»»
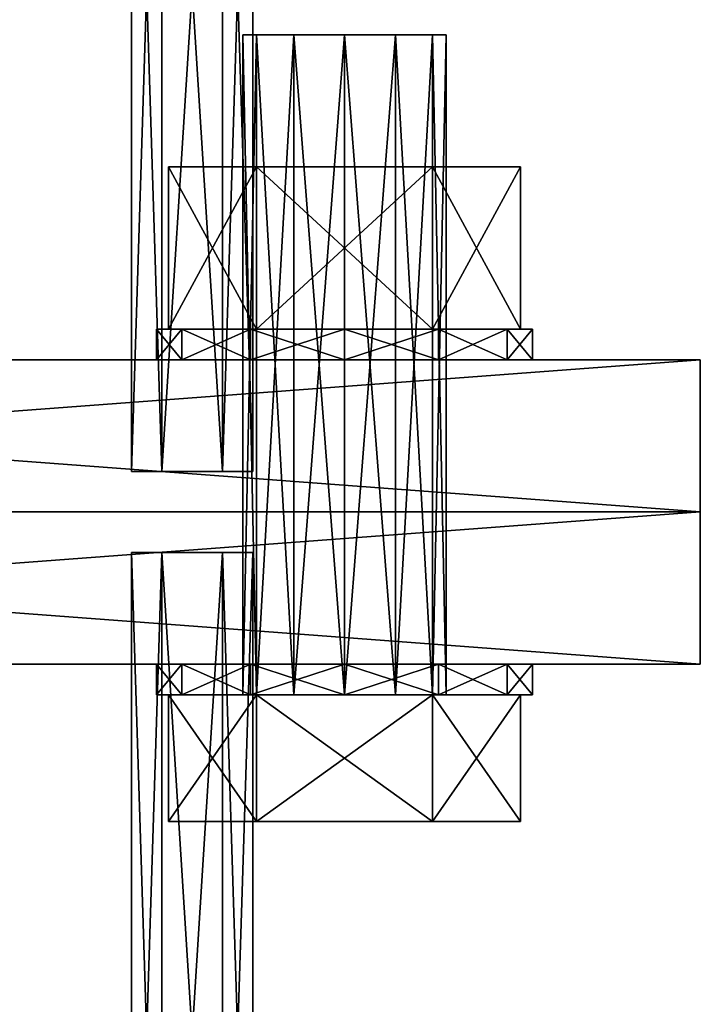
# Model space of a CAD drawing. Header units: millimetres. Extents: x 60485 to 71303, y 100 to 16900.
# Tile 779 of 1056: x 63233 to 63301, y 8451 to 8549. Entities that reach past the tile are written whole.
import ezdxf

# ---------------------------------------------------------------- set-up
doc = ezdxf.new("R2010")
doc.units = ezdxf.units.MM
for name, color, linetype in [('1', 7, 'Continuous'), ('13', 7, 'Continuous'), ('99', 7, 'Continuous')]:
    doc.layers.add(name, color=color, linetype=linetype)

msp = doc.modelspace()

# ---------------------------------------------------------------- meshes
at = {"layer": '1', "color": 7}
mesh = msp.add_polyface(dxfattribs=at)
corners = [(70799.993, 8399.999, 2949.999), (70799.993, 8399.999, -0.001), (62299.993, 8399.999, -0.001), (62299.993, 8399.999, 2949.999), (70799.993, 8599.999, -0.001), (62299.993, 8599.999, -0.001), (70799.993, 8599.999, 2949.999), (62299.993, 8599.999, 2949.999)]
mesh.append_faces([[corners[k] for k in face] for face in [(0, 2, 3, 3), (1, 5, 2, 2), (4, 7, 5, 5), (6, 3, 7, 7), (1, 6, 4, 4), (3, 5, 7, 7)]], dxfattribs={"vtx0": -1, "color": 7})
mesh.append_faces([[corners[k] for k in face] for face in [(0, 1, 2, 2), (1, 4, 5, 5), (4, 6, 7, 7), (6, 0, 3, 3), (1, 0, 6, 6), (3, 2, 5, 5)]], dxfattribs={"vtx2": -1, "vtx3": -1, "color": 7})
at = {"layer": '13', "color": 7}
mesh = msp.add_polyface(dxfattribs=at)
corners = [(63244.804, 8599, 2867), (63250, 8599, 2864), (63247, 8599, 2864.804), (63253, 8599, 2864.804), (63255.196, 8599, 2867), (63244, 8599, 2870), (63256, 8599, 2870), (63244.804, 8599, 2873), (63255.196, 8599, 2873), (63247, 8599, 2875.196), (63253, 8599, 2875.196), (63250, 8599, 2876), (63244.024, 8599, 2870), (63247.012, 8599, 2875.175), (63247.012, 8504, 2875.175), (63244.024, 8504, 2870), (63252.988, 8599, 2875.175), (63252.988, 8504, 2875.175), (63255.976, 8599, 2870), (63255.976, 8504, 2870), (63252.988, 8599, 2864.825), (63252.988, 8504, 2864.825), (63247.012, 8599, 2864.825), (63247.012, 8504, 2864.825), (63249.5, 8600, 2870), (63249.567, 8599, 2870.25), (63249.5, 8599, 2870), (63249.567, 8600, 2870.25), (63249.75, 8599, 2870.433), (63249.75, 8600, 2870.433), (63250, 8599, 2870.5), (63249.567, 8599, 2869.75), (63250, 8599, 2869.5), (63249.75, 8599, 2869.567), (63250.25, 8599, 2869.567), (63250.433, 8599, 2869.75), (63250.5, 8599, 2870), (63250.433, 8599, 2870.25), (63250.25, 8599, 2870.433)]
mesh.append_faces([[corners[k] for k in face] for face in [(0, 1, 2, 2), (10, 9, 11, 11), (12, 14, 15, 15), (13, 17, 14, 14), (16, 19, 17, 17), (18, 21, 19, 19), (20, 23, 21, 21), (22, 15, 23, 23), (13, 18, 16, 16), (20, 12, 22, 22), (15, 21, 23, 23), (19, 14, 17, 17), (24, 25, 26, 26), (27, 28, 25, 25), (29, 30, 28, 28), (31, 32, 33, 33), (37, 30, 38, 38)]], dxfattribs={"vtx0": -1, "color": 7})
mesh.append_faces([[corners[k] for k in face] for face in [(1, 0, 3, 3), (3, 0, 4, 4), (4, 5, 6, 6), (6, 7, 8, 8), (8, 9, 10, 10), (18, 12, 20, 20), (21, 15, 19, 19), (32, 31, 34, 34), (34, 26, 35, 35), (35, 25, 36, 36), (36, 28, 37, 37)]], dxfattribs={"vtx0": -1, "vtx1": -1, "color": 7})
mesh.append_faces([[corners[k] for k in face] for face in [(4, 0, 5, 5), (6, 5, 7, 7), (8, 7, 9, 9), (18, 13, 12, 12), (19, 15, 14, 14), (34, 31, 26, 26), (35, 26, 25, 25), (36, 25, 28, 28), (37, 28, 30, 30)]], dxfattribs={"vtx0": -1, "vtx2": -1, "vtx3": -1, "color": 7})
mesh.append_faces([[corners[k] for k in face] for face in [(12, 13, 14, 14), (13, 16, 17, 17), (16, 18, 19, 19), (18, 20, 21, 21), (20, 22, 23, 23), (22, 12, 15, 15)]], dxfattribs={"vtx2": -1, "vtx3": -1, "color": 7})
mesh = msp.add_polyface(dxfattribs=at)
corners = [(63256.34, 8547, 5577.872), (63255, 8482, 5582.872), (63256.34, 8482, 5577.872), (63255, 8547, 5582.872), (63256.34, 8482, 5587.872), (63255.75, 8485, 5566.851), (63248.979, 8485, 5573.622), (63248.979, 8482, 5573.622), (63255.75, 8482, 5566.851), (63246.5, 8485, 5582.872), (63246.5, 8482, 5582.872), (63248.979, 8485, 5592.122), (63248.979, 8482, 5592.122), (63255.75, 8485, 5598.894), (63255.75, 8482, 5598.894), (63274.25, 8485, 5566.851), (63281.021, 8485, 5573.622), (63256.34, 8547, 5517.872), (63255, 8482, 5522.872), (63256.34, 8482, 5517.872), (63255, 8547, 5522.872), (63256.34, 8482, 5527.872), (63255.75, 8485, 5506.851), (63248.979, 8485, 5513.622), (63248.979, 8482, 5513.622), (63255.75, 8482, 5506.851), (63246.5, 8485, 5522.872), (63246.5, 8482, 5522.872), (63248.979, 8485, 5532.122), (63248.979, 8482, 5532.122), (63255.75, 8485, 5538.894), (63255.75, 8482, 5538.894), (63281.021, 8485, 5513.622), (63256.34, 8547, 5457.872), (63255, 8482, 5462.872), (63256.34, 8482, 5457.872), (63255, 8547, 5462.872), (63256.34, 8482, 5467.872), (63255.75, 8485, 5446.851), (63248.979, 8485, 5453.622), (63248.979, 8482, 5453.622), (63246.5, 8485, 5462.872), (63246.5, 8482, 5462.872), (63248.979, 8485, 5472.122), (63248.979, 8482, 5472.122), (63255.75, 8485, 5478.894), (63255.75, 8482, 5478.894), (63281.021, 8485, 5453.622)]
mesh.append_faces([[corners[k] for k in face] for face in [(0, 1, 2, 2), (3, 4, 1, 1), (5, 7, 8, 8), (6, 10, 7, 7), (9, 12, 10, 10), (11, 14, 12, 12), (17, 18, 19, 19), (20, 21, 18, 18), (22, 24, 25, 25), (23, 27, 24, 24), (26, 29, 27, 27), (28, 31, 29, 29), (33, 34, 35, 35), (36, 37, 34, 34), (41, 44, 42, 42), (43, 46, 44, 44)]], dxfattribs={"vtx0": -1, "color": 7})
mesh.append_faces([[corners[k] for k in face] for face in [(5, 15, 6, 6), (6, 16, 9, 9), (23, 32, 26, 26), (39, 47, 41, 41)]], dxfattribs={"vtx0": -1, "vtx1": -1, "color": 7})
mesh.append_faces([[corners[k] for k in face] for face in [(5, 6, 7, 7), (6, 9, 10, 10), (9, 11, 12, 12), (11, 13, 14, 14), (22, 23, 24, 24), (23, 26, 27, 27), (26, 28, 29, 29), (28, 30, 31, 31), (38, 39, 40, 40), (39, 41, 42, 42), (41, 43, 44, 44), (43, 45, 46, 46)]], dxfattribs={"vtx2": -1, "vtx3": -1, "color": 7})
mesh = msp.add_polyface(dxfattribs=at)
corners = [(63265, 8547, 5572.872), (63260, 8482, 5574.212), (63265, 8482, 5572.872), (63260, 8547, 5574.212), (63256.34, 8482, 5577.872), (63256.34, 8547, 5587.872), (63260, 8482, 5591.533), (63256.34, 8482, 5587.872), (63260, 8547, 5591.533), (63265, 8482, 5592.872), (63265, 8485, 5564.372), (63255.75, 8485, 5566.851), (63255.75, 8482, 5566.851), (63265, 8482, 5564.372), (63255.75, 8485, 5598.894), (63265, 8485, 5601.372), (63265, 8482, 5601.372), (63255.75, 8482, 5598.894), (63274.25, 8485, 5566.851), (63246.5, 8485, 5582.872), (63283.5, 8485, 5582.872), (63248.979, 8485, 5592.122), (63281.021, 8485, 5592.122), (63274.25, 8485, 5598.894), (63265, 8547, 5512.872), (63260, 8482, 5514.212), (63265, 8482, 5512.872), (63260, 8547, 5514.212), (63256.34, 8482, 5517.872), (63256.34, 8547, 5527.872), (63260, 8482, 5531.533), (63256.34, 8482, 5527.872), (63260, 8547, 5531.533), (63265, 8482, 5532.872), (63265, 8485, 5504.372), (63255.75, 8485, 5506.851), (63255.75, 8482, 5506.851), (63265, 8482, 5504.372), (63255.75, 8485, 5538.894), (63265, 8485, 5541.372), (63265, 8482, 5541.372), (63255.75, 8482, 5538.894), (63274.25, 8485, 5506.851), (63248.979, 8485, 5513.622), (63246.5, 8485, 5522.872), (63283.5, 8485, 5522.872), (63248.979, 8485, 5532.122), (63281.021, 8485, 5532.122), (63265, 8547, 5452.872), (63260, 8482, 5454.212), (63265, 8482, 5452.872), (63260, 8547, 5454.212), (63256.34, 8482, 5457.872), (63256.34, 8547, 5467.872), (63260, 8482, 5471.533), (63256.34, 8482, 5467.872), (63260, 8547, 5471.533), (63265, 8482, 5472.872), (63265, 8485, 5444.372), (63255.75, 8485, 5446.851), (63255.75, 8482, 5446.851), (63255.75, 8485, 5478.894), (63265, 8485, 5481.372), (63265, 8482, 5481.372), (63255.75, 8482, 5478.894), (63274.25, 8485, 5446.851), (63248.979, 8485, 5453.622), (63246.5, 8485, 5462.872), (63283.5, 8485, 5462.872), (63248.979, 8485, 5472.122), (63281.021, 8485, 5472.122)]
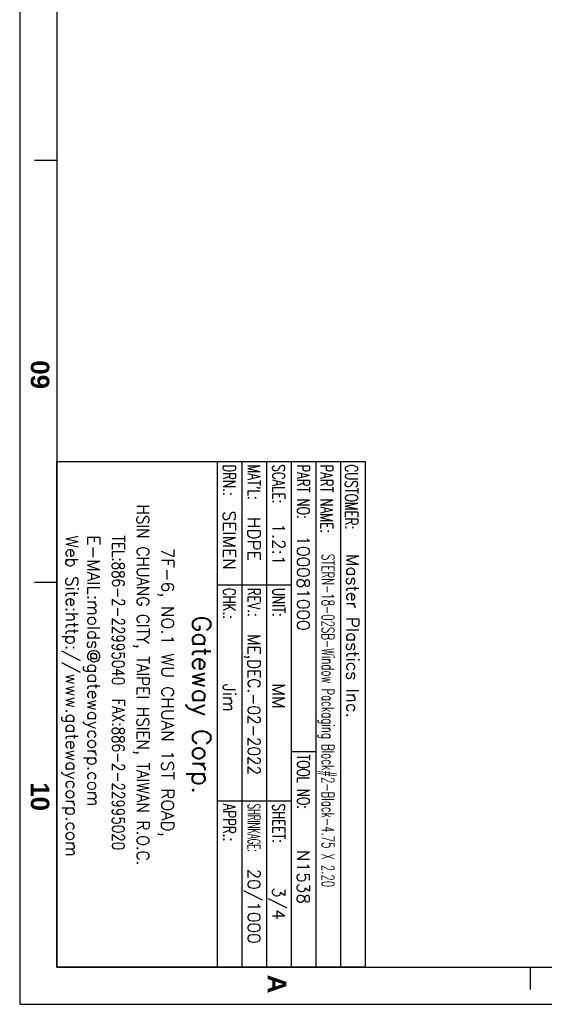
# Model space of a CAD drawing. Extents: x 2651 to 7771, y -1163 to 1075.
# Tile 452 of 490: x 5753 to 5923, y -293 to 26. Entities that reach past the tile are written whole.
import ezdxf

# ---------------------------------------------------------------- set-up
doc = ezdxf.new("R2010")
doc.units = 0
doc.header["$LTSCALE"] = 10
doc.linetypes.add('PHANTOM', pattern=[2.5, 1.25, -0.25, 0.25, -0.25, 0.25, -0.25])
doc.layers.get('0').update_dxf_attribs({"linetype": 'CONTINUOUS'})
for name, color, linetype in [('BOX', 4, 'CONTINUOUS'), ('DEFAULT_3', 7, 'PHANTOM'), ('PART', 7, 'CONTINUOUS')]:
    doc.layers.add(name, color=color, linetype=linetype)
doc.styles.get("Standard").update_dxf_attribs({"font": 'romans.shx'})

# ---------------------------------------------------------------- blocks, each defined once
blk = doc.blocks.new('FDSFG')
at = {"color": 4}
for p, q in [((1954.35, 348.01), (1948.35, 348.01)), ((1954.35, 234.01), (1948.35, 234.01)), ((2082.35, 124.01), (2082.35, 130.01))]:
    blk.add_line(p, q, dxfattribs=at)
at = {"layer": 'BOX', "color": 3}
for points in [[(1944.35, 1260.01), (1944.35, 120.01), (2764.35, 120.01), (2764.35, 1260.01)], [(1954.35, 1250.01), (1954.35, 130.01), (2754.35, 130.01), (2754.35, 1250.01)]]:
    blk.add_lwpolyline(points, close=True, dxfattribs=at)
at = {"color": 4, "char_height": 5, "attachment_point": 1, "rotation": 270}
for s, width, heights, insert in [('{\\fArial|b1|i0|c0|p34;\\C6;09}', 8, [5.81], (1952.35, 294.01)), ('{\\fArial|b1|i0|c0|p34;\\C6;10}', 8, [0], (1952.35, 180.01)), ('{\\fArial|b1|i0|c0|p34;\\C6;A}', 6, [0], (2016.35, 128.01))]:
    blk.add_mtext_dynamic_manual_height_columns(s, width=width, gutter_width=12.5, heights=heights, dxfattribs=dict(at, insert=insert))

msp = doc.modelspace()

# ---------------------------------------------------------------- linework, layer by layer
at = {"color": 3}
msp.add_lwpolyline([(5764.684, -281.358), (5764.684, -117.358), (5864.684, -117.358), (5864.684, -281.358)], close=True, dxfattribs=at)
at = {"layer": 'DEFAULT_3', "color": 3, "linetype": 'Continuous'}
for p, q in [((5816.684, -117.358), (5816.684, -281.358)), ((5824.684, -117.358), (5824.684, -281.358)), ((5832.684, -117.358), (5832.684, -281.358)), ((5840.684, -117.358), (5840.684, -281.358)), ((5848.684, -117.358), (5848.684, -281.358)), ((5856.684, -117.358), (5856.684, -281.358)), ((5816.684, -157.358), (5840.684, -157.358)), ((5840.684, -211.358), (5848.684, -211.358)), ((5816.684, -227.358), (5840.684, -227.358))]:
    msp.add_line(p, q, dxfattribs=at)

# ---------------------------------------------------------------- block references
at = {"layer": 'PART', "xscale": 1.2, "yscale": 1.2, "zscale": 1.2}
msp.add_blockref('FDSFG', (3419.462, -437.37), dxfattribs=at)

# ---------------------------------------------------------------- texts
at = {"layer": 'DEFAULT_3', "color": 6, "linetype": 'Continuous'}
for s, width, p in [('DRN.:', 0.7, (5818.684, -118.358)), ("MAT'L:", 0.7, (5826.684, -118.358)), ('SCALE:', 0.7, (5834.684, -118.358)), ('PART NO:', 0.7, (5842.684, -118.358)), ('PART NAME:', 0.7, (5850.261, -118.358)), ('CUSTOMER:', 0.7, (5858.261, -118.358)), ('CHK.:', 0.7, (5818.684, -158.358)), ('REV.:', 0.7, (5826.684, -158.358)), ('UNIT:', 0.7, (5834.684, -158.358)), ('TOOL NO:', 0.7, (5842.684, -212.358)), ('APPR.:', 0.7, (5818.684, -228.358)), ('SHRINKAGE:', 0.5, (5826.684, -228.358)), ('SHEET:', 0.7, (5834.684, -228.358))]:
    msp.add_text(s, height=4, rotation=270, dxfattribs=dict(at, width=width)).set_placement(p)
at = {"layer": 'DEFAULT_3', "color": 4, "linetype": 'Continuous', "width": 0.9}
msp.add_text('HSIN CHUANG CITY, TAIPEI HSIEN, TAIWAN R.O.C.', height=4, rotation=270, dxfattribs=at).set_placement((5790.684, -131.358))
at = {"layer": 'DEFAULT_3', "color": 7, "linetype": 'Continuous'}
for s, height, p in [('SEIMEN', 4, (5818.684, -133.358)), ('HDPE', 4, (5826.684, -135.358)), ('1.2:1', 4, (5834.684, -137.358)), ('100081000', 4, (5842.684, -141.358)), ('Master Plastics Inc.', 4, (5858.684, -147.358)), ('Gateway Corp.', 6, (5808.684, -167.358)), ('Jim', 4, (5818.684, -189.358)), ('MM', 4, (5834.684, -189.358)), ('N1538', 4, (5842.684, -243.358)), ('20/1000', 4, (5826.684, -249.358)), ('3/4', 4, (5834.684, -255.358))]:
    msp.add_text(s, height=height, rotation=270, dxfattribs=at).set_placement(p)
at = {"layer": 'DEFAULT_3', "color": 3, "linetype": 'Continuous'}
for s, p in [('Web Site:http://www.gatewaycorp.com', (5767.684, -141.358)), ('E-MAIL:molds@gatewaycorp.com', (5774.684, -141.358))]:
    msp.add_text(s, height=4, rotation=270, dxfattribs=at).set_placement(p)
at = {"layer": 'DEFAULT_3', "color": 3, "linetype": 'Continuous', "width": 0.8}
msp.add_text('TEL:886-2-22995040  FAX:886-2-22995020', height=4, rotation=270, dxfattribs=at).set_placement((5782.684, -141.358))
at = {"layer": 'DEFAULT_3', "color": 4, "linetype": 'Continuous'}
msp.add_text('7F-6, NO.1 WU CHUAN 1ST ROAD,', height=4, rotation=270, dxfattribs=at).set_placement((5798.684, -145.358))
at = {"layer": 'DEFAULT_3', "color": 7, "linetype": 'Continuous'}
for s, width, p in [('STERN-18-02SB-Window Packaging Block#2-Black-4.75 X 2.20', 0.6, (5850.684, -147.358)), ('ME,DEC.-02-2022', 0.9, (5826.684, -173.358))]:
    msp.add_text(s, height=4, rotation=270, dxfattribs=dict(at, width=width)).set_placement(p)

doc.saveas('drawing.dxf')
««
From the listing, tally every line with the word "heights" in it and give only the tally.

▶ _ANSWER FOR THIS EXERCISE_:
2